I added an HMAC-SHA256 example to apps/garbled/examples/hmac-sha256.mpcl. The computation goes as follows:
The garbler and evaluator share the HMAC key as random key shares. As an example, the garbler's share is:
keyG: 4de216d2fdc9301e5b9c78486f7109a05670d200d9e2f275ec0aad08ec42af47
fcb59bf460d50b01333a748f3a9efb13e08036d49a26c21ba2e33a5f8a2cf0e7
and the evaluator's share is:
keyE: f87a00ef89c2396de32f6ac0748f6fa1b641013d46f74ce25cc625904215a675
01c0c7196a2602f6516527958a82271847933c35d170d98bfdb04d2ddf3bb197
and the resulting HMAC key is keyG^keyE:
key : b598163d740b0973b8b312881bfe6601e031d33d9f15be97b0cc8898ae570932
fd755ced0af309f7625f531ab01cdc0ba7130ae14b561b905f53777255174170
The example must define the message lengths - this example uses 32-byte messages (Garbler.msg [32]byte) - so let's use the following message:
msg : Hello, world!...................
hex : 48656c6c6f2c20776f726c64212e2e2e2e2e2e2e2e2e2e2e2e2e2e2e2e2e2e2e
and we should get the following HMAC-SHA256 output:
sum : 60d27dbd14f1e351f20069171fead00ef557d17ac9a41d02baa488ca4b90171a
Now we can run the MPC protocol. First, run the evaluator with one input: the evaluator's key share:
./garbled -e -v -i 0xf87a00ef89c2396de32f6ac0748f6fa1b641013d46f74ce25cc625904215a67501c0c7196a2602f6516527958a82271847933c35d170d98bfdb04d2ddf3bb197 examples/hmac-sha256.mpcl
The garbler takes two inputs: the message and the garbler's key share:
./garbled -v -i 0x48656c6c6f2c20776f726c64212e2e2e2e2e2e2e2e2e2e2e2e2e2e2e2e2e2e2e,0x4de216d2fdc9301e5b9c78486f7109a05670d200d9e2f275ec0aad08ec42af47fcb59bf460d50b01333a748f3a9efb13e08036d49a26c21ba2e33a5f8a2cf0e7 examples/hmac-sha256.mpcl
The MCP computation providers the expected HMAC result:
Result[0]: 60d27dbd14f1e351f20069171fead00ef557d17ac9a41d02baa488ca4b90171a
Thanks for this.

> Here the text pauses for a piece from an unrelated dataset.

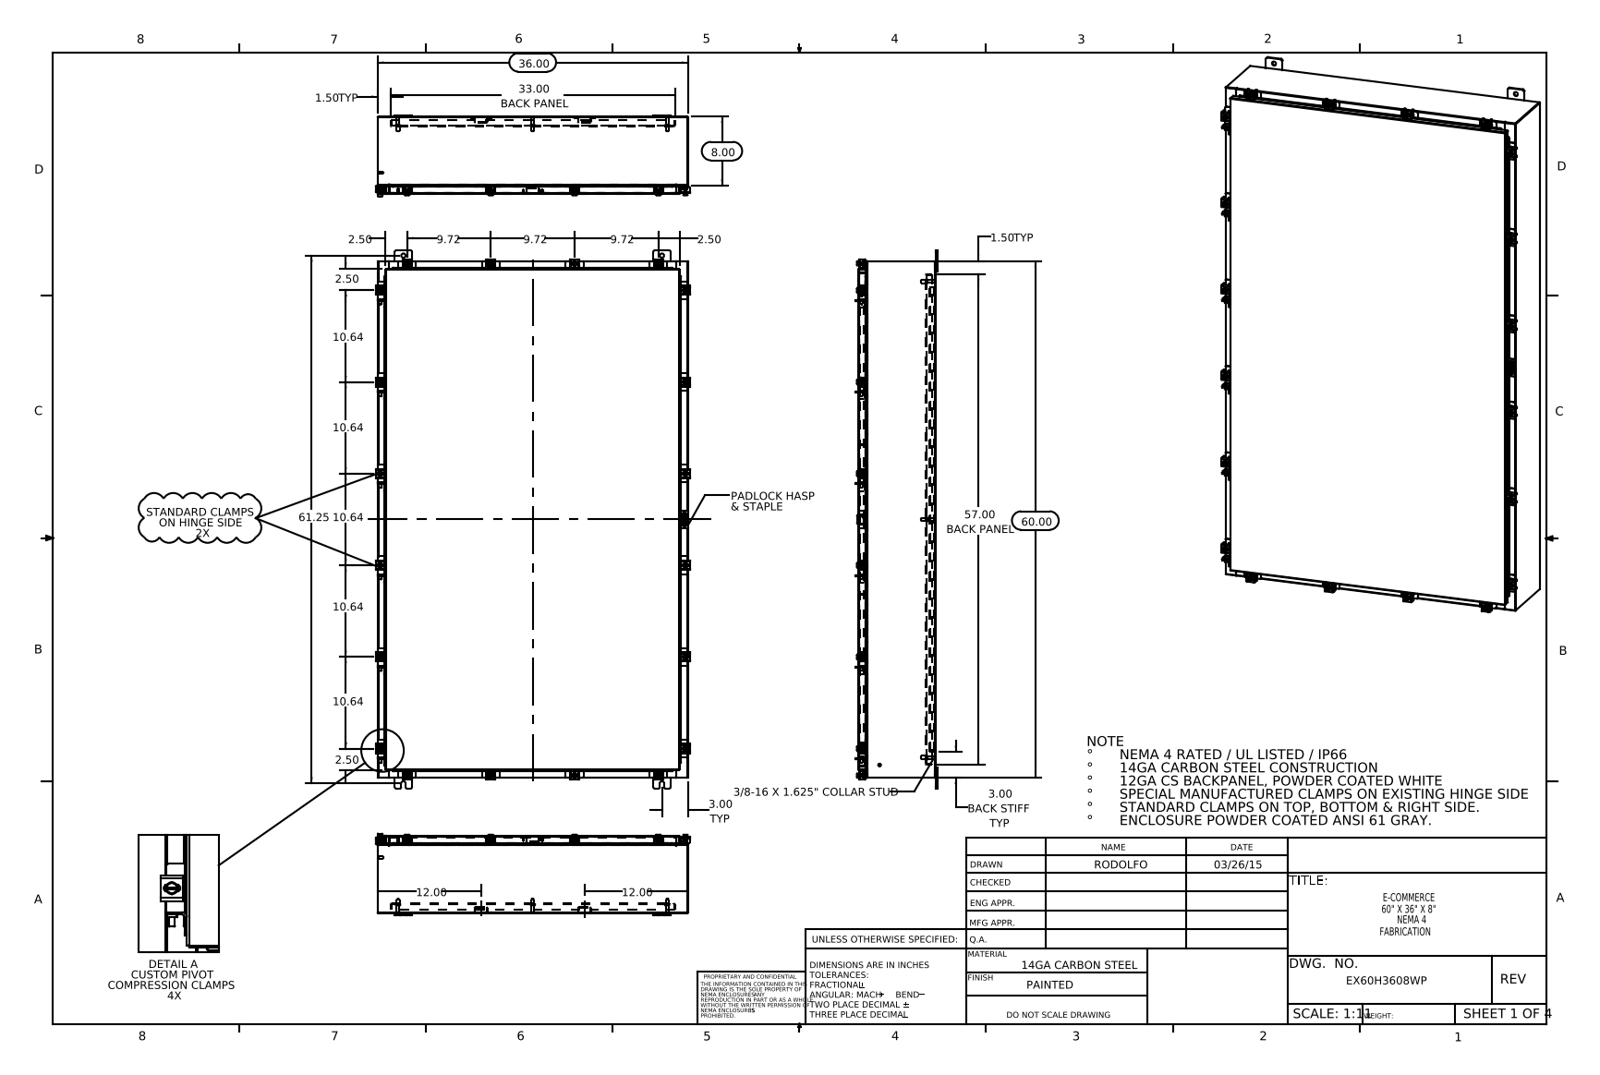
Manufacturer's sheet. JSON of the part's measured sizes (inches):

But how do you generate the keyshares . Is there an algorithm in this library to do it?
I am getting the following error while trying to run the above.
could not resolve pkg root directory, tried:
- $(MPCLDIR):
- $(MPCLDIR)/pkg
- $(GITHUB_WORKFLOW):
- $(GITHUB_WORKSPACE)/pkg
- *:
- $(HOME)/go/src/github.com/markkurossi/mpc/pkg
could not find pkg root directory
Could you throw some light on why this is happening?
The HMAC keys are random so both parties could generate their key shares independently, for example, with the crypto/rand package and persist them locally.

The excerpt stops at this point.